— The problem —
In the data below, find every line with the word "True" and copy it out.

— Provided entries —

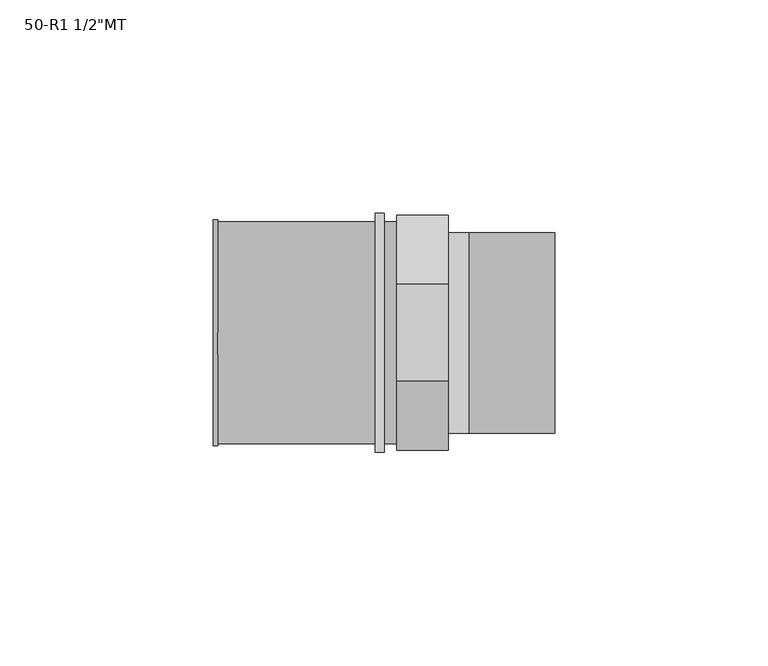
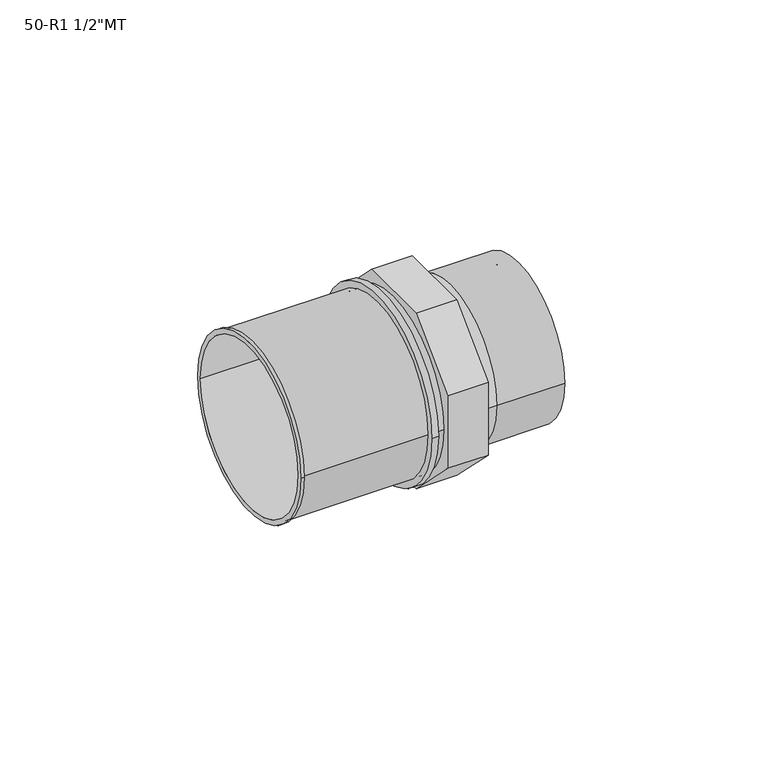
"""IFC4 building model written with IfcOpenShell, lengths in millimetres: pipe fitting geometry."""

from ifc_helpers import new_model, si_unit, point, frame, origin, origin_2d, place, context, project, spatial, polyline, circle_curve, trimmed, segment, composite_curve, outline, extrude, source, transform, mapped, element, save
from ifc_brep_helpers import plane_surface, cylinder_surface, revolved_surface, advanced_brep


def pipe_fitting_e8fe2fe8(model_context):
    return source(origin(), model_context, "Body", "SolidModel", [
        advanced_brep(
        [(-6.0, -27.5, 11.390873), (-6.0, -11.390873, 27.5), (-6.0, 11.390873, 27.5), (-6.0, 27.5, 11.390873), (-6.0, 27.5, -11.390873), (-6.0, 11.390873, -27.5), (-6.0, -11.390873, -27.5), (-6.0, -27.5, -11.390873), (6.0, -27.5, 11.390873), (6.0, -27.5, -11.390873), (6.0, -11.390873, -27.5), (6.0, 11.390873, -27.5), (6.0, 27.5, -11.390873), (6.0, 27.5, 11.390873), (6.0, 11.390873, 27.5), (6.0, -11.390873, 27.5), (6.0, -23.5, 0.0), (6.0, 23.5, 0.0), (31.0, -23.5, 0.0), (31.0, 23.5, 0.0), (31.0, -19.5, 0.0), (31.0, 19.5, 0.0), (12.0, 19.5, 0.0), (12.0, -19.5, 0.0), (12.0, 23.5, 0.0), (11.0, 23.5, 0.0), (11.0, -23.5, 0.0), (12.0, -23.5, 0.0)],
        [
            (0, 1),
            (1, 2),
            (2, 3),
            (3, 4),
            (4, 5),
            (5, 6),
            (6, 7),
            (7, 0),
            (8, 9),
            (9, 10),
            (10, 11),
            (11, 12),
            (12, 13),
            (13, 14),
            (14, 15),
            (15, 8),
            (16, 17, circle_curve(frame((6.0, 0.0, 0.0), z_axis=(-1.0, 0.0, 0.0), x_axis=(0.0, -1.0, 0.0)), 23.5)),
            (17, 16, circle_curve(frame((6.0, 0.0, 0.0), z_axis=(-1.0, 0.0, 0.0), x_axis=(0.0, -1.0, 0.0)), 23.5)),
            (0, 8),
            (15, 1),
            (14, 2),
            (13, 3),
            (12, 4),
            (11, 5),
            (10, 6),
            (9, 7),
            (18, 19, circle_curve(frame((31.0, 0.0, 0.0), z_axis=(1.0, 0.0, 0.0), x_axis=(0.0, 1.0, 0.0)), 23.5)),
            (19, 18, circle_curve(frame((31.0, 0.0, 0.0), z_axis=(1.0, 0.0, 0.0), x_axis=(0.0, 1.0, 0.0)), 23.5)),
            (20, 21, circle_curve(frame((31.0, 0.0, 0.0), z_axis=(-1.0, 0.0, 0.0), x_axis=(0.0, 1.0, 0.0)), 19.5)),
            (21, 20, circle_curve(frame((31.0, 0.0, 0.0), z_axis=(-1.0, 0.0, 0.0), x_axis=(0.0, 1.0, 0.0)), 19.5)),
            (21, 22),
            (22, 23, circle_curve(frame((12.0, 0.0, 0.0), z_axis=(-1.0, 0.0, 0.0), x_axis=(0.0, 1.0, 0.0)), 19.5)),
            (23, 20),
            (23, 22, circle_curve(frame((12.0, 0.0, 0.0), z_axis=(-1.0, 0.0, 0.0), x_axis=(0.0, 1.0, 0.0)), 19.5)),
            (19, 24),
            (24, 25),
            (25, 26, circle_curve(frame((11.0, 0.0, 0.0), z_axis=(1.0, 0.0, 0.0), x_axis=(0.0, 1.0, 0.0)), 23.5)),
            (26, 27),
            (27, 18),
            (26, 25, circle_curve(frame((11.0, 0.0, 0.0), z_axis=(1.0, 0.0, 0.0), x_axis=(0.0, 1.0, 0.0)), 23.5)),
            (16, 26),
            (25, 17),
        ],
        [
            plane_surface(frame((-6.0, 0.0, 0.0), z_axis=(-1.0, 0.0, 0.0), x_axis=(0.0, 0.0, 1.0))),
            plane_surface(frame((6.0, 0.0, 0.0), z_axis=(1.0, 0.0, 0.0), x_axis=(0.0, 0.0, 1.0))),
            plane_surface(frame((-6.0, -27.5, 11.390873), z_axis=(0.0, -0.7071067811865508, 0.7071067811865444), x_axis=(1.0, 0.0, 0.0))),
            plane_surface(frame((-6.0, -11.390873, 27.5), z_axis=(0.0, 0.0, 1.0), x_axis=(1.0, 0.0, 0.0))),
            plane_surface(frame((-6.0, 11.390873, 27.5), z_axis=(0.0, 0.7071067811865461, 0.7071067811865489), x_axis=(1.0, 0.0, 0.0))),
            plane_surface(frame((-6.0, 27.5, 11.390873), z_axis=(0.0, 1.0, 0.0), x_axis=(1.0, 0.0, 0.0))),
            plane_surface(frame((-6.0, 27.5, -11.390873), z_axis=(0.0, 0.7071067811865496, -0.7071067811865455), x_axis=(1.0, 0.0, 0.0))),
            plane_surface(frame((-6.0, 11.390873, -27.5), z_axis=(0.0, 0.0, -1.0), x_axis=(1.0, 0.0, 0.0))),
            plane_surface(frame((-6.0, -11.390873, -27.5), z_axis=(0.0, -0.7071067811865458, -0.7071067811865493), x_axis=(1.0, 0.0, 0.0))),
            plane_surface(frame((-6.0, -27.5, -11.390873), z_axis=(0.0, -1.0, 0.0), x_axis=(1.0, 0.0, 0.0))),
            plane_surface(frame((31.0, 0.0, 0.0), z_axis=(1.0, 0.0, 0.0), x_axis=(0.0, 0.0, 1.0))),
            revolved_surface(polyline([(31.0, 19.5, 0.0), (12.0, 19.5, 0.0)]), (11.0, 0.0, 0.0), (1.0, 0.0, 0.0)),
            cylinder_surface(frame((11.0, 0.0, 0.0), z_axis=(-1.0, 0.0, 0.0), x_axis=(0.0, 1.0, 0.0)), 23.5),
            plane_surface(frame((12.0, 0.0, 0.0), z_axis=(1.0, 0.0, 0.0), x_axis=(0.0, 0.0, 1.0))),
            cylinder_surface(frame((12.0, 0.0, 0.0), z_axis=(1.0, 0.0, 0.0), x_axis=(0.0, -1.0, 0.0)), 23.5),
        ],
        [
            (0, [[1, 2, 3, 4, 5, 6, 7, 8]]),
            (1, [[9, 10, 11, 12, 13, 14, 15, 16], [17, 18]]),
            (2, [[-1, 19, -16, 20]]),
            (3, [[-2, -20, -15, 21]]),
            (4, [[-3, -21, -14, 22]]),
            (5, [[-4, -22, -13, 23]]),
            (6, [[-5, -23, -12, 24]]),
            (7, [[-6, -24, -11, 25]]),
            (8, [[-7, -25, -10, 26]]),
            (9, [[-8, -26, -9, -19]]),
            (10, [[27, 28], [29, 30]]),
            (11, [[-30, 31, 32, 33]]),
            (11, [[-29, -33, 34, -31]]),
            (12, [[-28, 35, 36, 37, 38, 39]]),
            (12, [[-27, -39, -38, 40, -36, -35]]),
            (13, [[-32, -34]]),
            (14, [[41, -37, 42, -17]]),
            (14, [[-41, -18, -42, -40]]),
        ],
    ),
        advanced_brep(
        [(-49.0, -26.5, 0.0), (-49.0, 26.5, 0.0), (-49.0, -25.0, 0.0), (-49.0, 25.0, 0.0), (-11.0, -26.0, 0.0), (-11.0, 26.0, 0.0), (-11.0, -25.0, 0.0), (-11.0, 25.0, 0.0), (-48.0, 26.0, 0.0), (-48.0, -26.0, 0.0), (-48.0, -26.5, 0.0), (-48.0, 26.5, 0.0)],
        [
            (0, 1, circle_curve(frame((-49.0, 0.0, 0.0), z_axis=(-1.0, 0.0, 0.0), x_axis=(0.0, 1.0, 0.0)), 26.5)),
            (1, 0, circle_curve(frame((-49.0, 0.0, 0.0), z_axis=(-1.0, 0.0, 0.0), x_axis=(0.0, 1.0, 0.0)), 26.5)),
            (2, 3, circle_curve(frame((-49.0, 0.0, 0.0), z_axis=(1.0, 0.0, 0.0), x_axis=(0.0, 1.0, 0.0)), 25.0)),
            (3, 2, circle_curve(frame((-49.0, 0.0, 0.0), z_axis=(1.0, 0.0, 0.0), x_axis=(0.0, 1.0, 0.0)), 25.0)),
            (4, 5, circle_curve(frame((-11.0, 0.0, 0.0), z_axis=(1.0, 0.0, 0.0), x_axis=(0.0, 1.0, 0.0)), 26.0)),
            (5, 4, circle_curve(frame((-11.0, 0.0, 0.0), z_axis=(1.0, 0.0, 0.0), x_axis=(0.0, 1.0, 0.0)), 26.0)),
            (6, 7, circle_curve(frame((-11.0, 0.0, 0.0), z_axis=(-1.0, 0.0, 0.0), x_axis=(0.0, 1.0, 0.0)), 25.0)),
            (7, 6, circle_curve(frame((-11.0, 0.0, 0.0), z_axis=(-1.0, 0.0, 0.0), x_axis=(0.0, 1.0, 0.0)), 25.0)),
            (2, 6),
            (7, 3),
            (5, 8),
            (8, 9, circle_curve(frame((-48.0, 0.0, 0.0), z_axis=(1.0, 0.0, 0.0), x_axis=(0.0, 1.0, 0.0)), 26.0)),
            (9, 4),
            (9, 8, circle_curve(frame((-48.0, 0.0, 0.0), z_axis=(1.0, 0.0, 0.0), x_axis=(0.0, 1.0, 0.0)), 26.0)),
            (10, 11, circle_curve(frame((-48.0, 0.0, 0.0), z_axis=(1.0, 0.0, 0.0), x_axis=(0.0, 1.0, 0.0)), 26.5)),
            (11, 10, circle_curve(frame((-48.0, 0.0, 0.0), z_axis=(1.0, 0.0, 0.0), x_axis=(0.0, 1.0, 0.0)), 26.5)),
            (0, 10),
            (11, 1),
        ],
        [
            plane_surface(frame((-49.0, 0.0, 0.0), z_axis=(-1.0, 0.0, 0.0), x_axis=(0.0, 0.0, 1.0))),
            plane_surface(frame((-11.0, 0.0, 0.0), z_axis=(1.0, 0.0, 0.0), x_axis=(0.0, 0.0, 1.0))),
            revolved_surface(polyline([(-11.0, 25.0, 0.0), (-49.0, 25.0, 0.0)]), (-49.0, 0.0, 0.0), (1.0, 0.0, 0.0)),
            cylinder_surface(frame((-49.0, 0.0, 0.0), z_axis=(-1.0, 0.0, 0.0), x_axis=(0.0, 1.0, 0.0)), 26.0),
            plane_surface(frame((-48.0, 0.0, 0.0), z_axis=(1.0, 0.0, 0.0), x_axis=(0.0, 0.0, 1.0))),
            cylinder_surface(frame((-49.0, 0.0, 0.0), z_axis=(-1.0, 0.0, 0.0), x_axis=(0.0, 1.0, 0.0)), 26.5),
        ],
        [
            (0, [[1, 2], [3, 4]]),
            (1, [[5, 6], [7, 8]]),
            (2, [[-3, 9, -8, 10]]),
            (2, [[-4, -10, -7, -9]]),
            (3, [[-6, 11, 12, 13]]),
            (3, [[-5, -13, 14, -11]]),
            (4, [[15, 16], [-12, -14]]),
            (5, [[-1, 17, -16, 18]]),
            (5, [[-2, -18, -15, -17]]),
        ],
    ),
        extrude(outline(composite_curve([segment(trimmed(circle_curve(origin_2d(), 28.0), [point((-28.0, 0.0))], [point((28.0, 0.0))], False, "CARTESIAN"), True, "CONTINUOUS"), segment(trimmed(circle_curve(origin_2d(), 28.0), [point((28.0, 0.0))], [point((-28.0, 0.0))], False, "CARTESIAN"), True, "CONTINUOUS")], self_intersect=False), holes=[composite_curve([segment(trimmed(circle_curve(origin_2d(), 25.0), [point((-25.0, 0.0))], [point((25.0, 0.0))], True, "CARTESIAN"), True, "CONTINUOUS"), segment(trimmed(circle_curve(origin_2d(), 25.0), [point((25.0, 0.0))], [point((-25.0, 0.0))], True, "CARTESIAN"), True, "CONTINUOUS")], self_intersect=False)]), frame((-11.0, 0.0, 0.0), z_axis=(1.0, 0.0, 0.0), x_axis=(0.0, 1.0, 0.0)), (0.0, 0.0, 1.0), 2.0),
        extrude(outline(composite_curve([segment(trimmed(circle_curve(origin_2d(), 26.0), [point((-26.0, 0.0))], [point((26.0, 0.0))], False, "CARTESIAN"), True, "CONTINUOUS"), segment(trimmed(circle_curve(origin_2d(), 26.0), [point((26.0, 0.0))], [point((-26.0, 0.0))], False, "CARTESIAN"), True, "CONTINUOUS")], self_intersect=False)), frame((-9.0, 0.0, 0.0), z_axis=(1.0, 0.0, 0.0), x_axis=(0.0, 1.0, 0.0)), (0.0, 0.0, 1.0), 3.0),
    ])


if __name__ == "__main__":
    model = new_model("IFC4")
    model_context = context("Model", 3, world=origin())
    ifc_project = project(units=[si_unit("LENGTHUNIT", "METRE", prefix="MILLI")], contexts=[model_context])
    site = spatial("IfcSite", under=ifc_project)
    building = spatial("IfcBuilding", under=site)
    placement = place(None, origin())
    pipe_fitting_shape = pipe_fitting_e8fe2fe8(model_context)
    element("IfcPipeFitting", 1, ObjectType="SuperPipe_AdapterMT : 50-R1 1/2\"MT", at=placement, inside=building, context=model_context, shape_type="MappedRepresentation", body=[
        mapped(pipe_fitting_shape, transform((0.0, 0.0, 0.0), x_axis=(1.0, 0.0, 0.0), y_axis=(0.0, 1.0, 0.0), z_axis=(0.0, 0.0, 1.0))),
    ])
    save(model, "model.ifc")

— Solution below —
        extrude(outline(composite_curve([segment(trimmed(circle_curve(origin_2d(), 28.0), [point((-28.0, 0.0))], [point((28.0, 0.0))], False, "CARTESIAN"), True, "CONTINUOUS"), segment(trimmed(circle_curve(origin_2d(), 28.0), [point((28.0, 0.0))], [point((-28.0, 0.0))], False, "CARTESIAN"), True, "CONTINUOUS")], self_intersect=False), holes=[composite_curve([segment(trimmed(circle_curve(origin_2d(), 25.0), [point((-25.0, 0.0))], [point((25.0, 0.0))], True, "CARTESIAN"), True, "CONTINUOUS"), segment(trimmed(circle_curve(origin_2d(), 25.0), [point((25.0, 0.0))], [point((-25.0, 0.0))], True, "CARTESIAN"), True, "CONTINUOUS")], self_intersect=False)]), frame((-11.0, 0.0, 0.0), z_axis=(1.0, 0.0, 0.0), x_axis=(0.0, 1.0, 0.0)), (0.0, 0.0, 1.0), 2.0),
        extrude(outline(composite_curve([segment(trimmed(circle_curve(origin_2d(), 26.0), [point((-26.0, 0.0))], [point((26.0, 0.0))], False, "CARTESIAN"), True, "CONTINUOUS"), segment(trimmed(circle_curve(origin_2d(), 26.0), [point((26.0, 0.0))], [point((-26.0, 0.0))], False, "CARTESIAN"), True, "CONTINUOUS")], self_intersect=False)), frame((-9.0, 0.0, 0.0), z_axis=(1.0, 0.0, 0.0), x_axis=(0.0, 1.0, 0.0)), (0.0, 0.0, 1.0), 3.0),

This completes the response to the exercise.